Diplomacy especially attracts presidential cronies, and those that buy their ambassadorships


Kishan S Rana
The Past, Present, and Future of America's Diplomats
Dennis C Jett
Palgrave Macmillan
283 pages; $35

The United States is the only major country that routinely sends non-professional diplomats as ambassadors, around 30 per cent of the total; some are distinguished public figures, often from Washington DC's revolving door ecosystem, in which many politicians, lawyers and others are appointed to all federal agencies. Diplomacy especially attracts presidential cronies, and those that buy their ambassadorships. This practice is emulated especially across Latin America, as also Africa, less so in Asia and Europe.

This book begins with a horror story: On assignment to Argentina in 1973, six weeks after joining the US Foreign Service, the author witnesses the gulf between high public reputation of a political appointee, Ambassador John D Lodge, and the reality of his dismal performance. That envoy was interested only in hosting social evenings that ended with his Broadway songs, plus publicity in the local press, at a time when a new regime wanted to reconnect with the US. In the ingrained US political appointments system, scathing adverse reports did not block him from going on as ambassador to Switzerland. "Although an explicit quid pro quo is illegal, this tradition continues and is a form of corruption", only slightly less thinly veiled than in the Nixon days when his personal lawyer went to jail for selling ambassadorships.

The first US envoys sent abroad were revolutionary leaders, carrying the rank of "minister"; the title of ambassador was then seen as royalist (the first "ambassador" was sent in 1893, to London). Benjamin Franklin in Paris in 1776 played a decisive role in mobilising critical French support for the fragile new republic. A professional foreign service gradually emerged at the end of the 19th century; by 1950 emerged the 30:70 ratio that has since endured, between political and professional appointees (that ratio is reversed for West Europe and the Caribbean, where 72 per cent of the appointees are political, while not a single politico has served in Central Asia). And the Foreign Service Act of 1980 specifies that the president should "normally" appoint Foreign Service officers as ambassadors!
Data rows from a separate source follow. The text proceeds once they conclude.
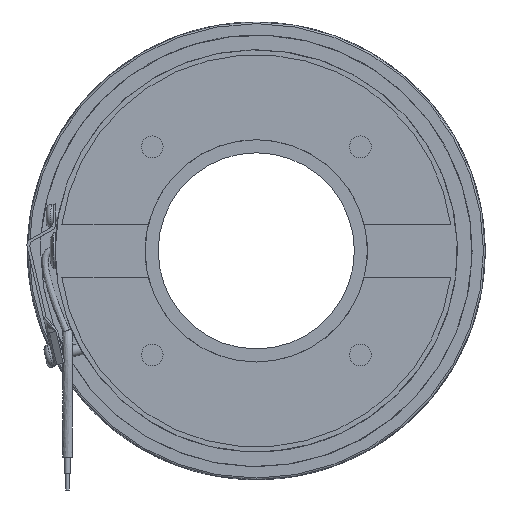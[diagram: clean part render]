
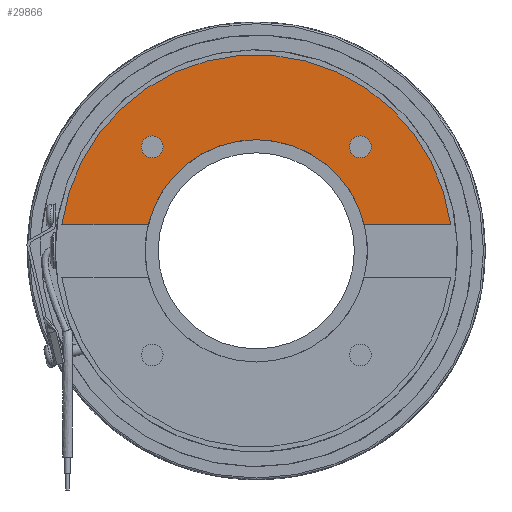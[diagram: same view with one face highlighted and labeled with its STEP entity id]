
A CAD part, left-side view. The second image highlights one B-rep face of the part: STEP entity #29866.
In plain terms, the highlighted planar face has unit normal (-1, 0, 0).
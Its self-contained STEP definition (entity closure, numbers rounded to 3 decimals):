
#1014=LINE('',#51002,#2726);
#1016=LINE('',#51008,#2728);
#2726=VECTOR('',#39950,26.419);
#2728=VECTOR('',#39954,26.419);
#5493=FACE_BOUND('',#7936,.T.);
#5494=FACE_BOUND('',#7937,.T.);
#6335=FACE_OUTER_BOUND('',#7935,.T.);
#7935=EDGE_LOOP('',(#21675,#21676,#21677,#21678));
#7936=EDGE_LOOP('',(#21679));
#7937=EDGE_LOOP('',(#21680));
#9202=CIRCLE('',#32738,34.);
#9204=CIRCLE('',#32741,60.);
#9206=CIRCLE('',#32745,3.324);
#9207=CIRCLE('',#32746,3.324);
#11178=VERTEX_POINT('',#50996);
#11180=VERTEX_POINT('',#51000);
#11181=VERTEX_POINT('',#51004);
#11183=VERTEX_POINT('',#51007);
#11187=VERTEX_POINT('',#51029);
#11188=VERTEX_POINT('',#51031);
#14927=EDGE_CURVE('',#11178,#11180,#1014,.T.);
#14929=EDGE_CURVE('',#11183,#11181,#1016,.T.);
#14938=EDGE_CURVE('',#11180,#11183,#9202,.T.);
#14940=EDGE_CURVE('',#11178,#11181,#9204,.T.);
#14942=EDGE_CURVE('',#11187,#11187,#9206,.T.);
#14943=EDGE_CURVE('',#11188,#11188,#9207,.T.);
#21675=ORIENTED_EDGE('',*,*,#14929,.T.);
#21676=ORIENTED_EDGE('',*,*,#14940,.F.);
#21677=ORIENTED_EDGE('',*,*,#14927,.T.);
#21678=ORIENTED_EDGE('',*,*,#14938,.T.);
#21679=ORIENTED_EDGE('',*,*,#14942,.T.);
#21680=ORIENTED_EDGE('',*,*,#14943,.T.);
#26807=PLANE('',#32744);
#29866=ADVANCED_FACE('',(#6335,#5493,#5494),#26807,.T.);
#32738=AXIS2_PLACEMENT_3D('',#51022,#39973,#39974);
#32741=AXIS2_PLACEMENT_3D('',#51025,#39979,#39980);
#32744=AXIS2_PLACEMENT_3D('',#51028,#39985,#39986);
#32745=AXIS2_PLACEMENT_3D('',#51030,#39987,#39988);
#32746=AXIS2_PLACEMENT_3D('',#51032,#39989,#39990);
#39950=DIRECTION('',(0.,-1.,0.));
#39954=DIRECTION('',(0.,-1.,0.));
#39973=DIRECTION('center_axis',(1.,0.,0.));
#39974=DIRECTION('ref_axis',(0.,0.,-1.));
#39979=DIRECTION('center_axis',(1.,0.,0.));
#39980=DIRECTION('ref_axis',(0.,0.,-1.));
#39985=DIRECTION('center_axis',(-1.,0.,0.));
#39986=DIRECTION('ref_axis',(0.,0.,1.));
#39987=DIRECTION('center_axis',(1.,0.,0.));
#39988=DIRECTION('ref_axis',(0.,0.,1.));
#39989=DIRECTION('center_axis',(1.,0.,0.));
#39990=DIRECTION('ref_axis',(0.,0.,1.));
#50996=CARTESIAN_POINT('',(-16.5,59.464,8.));
#51000=CARTESIAN_POINT('',(-16.5,33.045,8.));
#51002=CARTESIAN_POINT('',(-16.5,70.,8.));
#51004=CARTESIAN_POINT('',(-16.5,-59.464,8.));
#51007=CARTESIAN_POINT('',(-16.5,-33.045,8.));
#51008=CARTESIAN_POINT('',(-16.5,70.,8.));
#51022=CARTESIAN_POINT('Origin',(-16.5,0.,0.));
#51025=CARTESIAN_POINT('Origin',(-16.5,0.,0.));
#51028=CARTESIAN_POINT('Origin',(-16.5,60.,0.));
#51029=CARTESIAN_POINT('',(-16.5,-31.82,35.143));
#51030=CARTESIAN_POINT('Origin',(-16.5,-31.82,31.82));
#51031=CARTESIAN_POINT('',(-16.5,31.82,35.143));
#51032=CARTESIAN_POINT('Origin',(-16.5,31.82,31.82));

The author meticulously tracks these two routes to ambassador appointments. State Department officials are selected by the special "D Committee", and typically have at least 20 years of service. The other route is via the White House "Office of Presidential Personnel", and "requires a person to have a political, economic or personal relationship to the president" (p. 33). Before taking office in 1981, Reagan agreed at the behest of a close friend to send a businessman to the plum post of London; that ambassador served for two years, and was "generally judged somewhere between invisible and ineffective", at the critical time of the Falkland War.

In a situation that has no parallel in any foreign ministry, of the 33 top leadership posts in the State Department (deputy, under, and assistant secretaries), in 2012 professional diplomats held only 24 per cent - the rest were "transient" political appointees; in 1975 that figure had been 61 per cent. The picture among the next 35 senior appointments (special envoys, representatives, directors and coordinators) was even worse.

The internal clearance process is now rigorous, and includes a 63-point questionnaire (reproduced in an appendix). Once cleared, the nomination goes to the Senate Foreign Relations Committee; its chairman can delay a confirmation hearing at will, and other senators can also place a "hold"; it is through such delay that rejection takes place. The process is especially hard on political appointees, but career officials can also face flack. A delay of several months is the norm, in this Committee and the Senate where the final vote takes place.

In the final chapter the author only offers a mild set of ideas, premised on acceptance of the patronage system. After digressing into definitions of globalisation, the nature of "American exceptionalism" and the 34 international treaties signed by the US and were pending ratification in 2014, small improvements are suggested. Endorsing the openness showed by President Barack Obama, the author calls for greater transparency to identify major financial donors. While awaiting confirmation, nominees could learn the language of the assignment country at Washington's Foreign Service Institute, aiming a 3/3 level in speaking and reading, on a scale of 5. The author stresses: Long confirmation delays produce damage to national security and waste.

National systems exist in their own frameworks, logical or otherwise. Given that both politics and diplomacy are the art of the possible, what matters is incremental change to improve a long-embedded system. The book helps to communicate that, also showing that better ways are available.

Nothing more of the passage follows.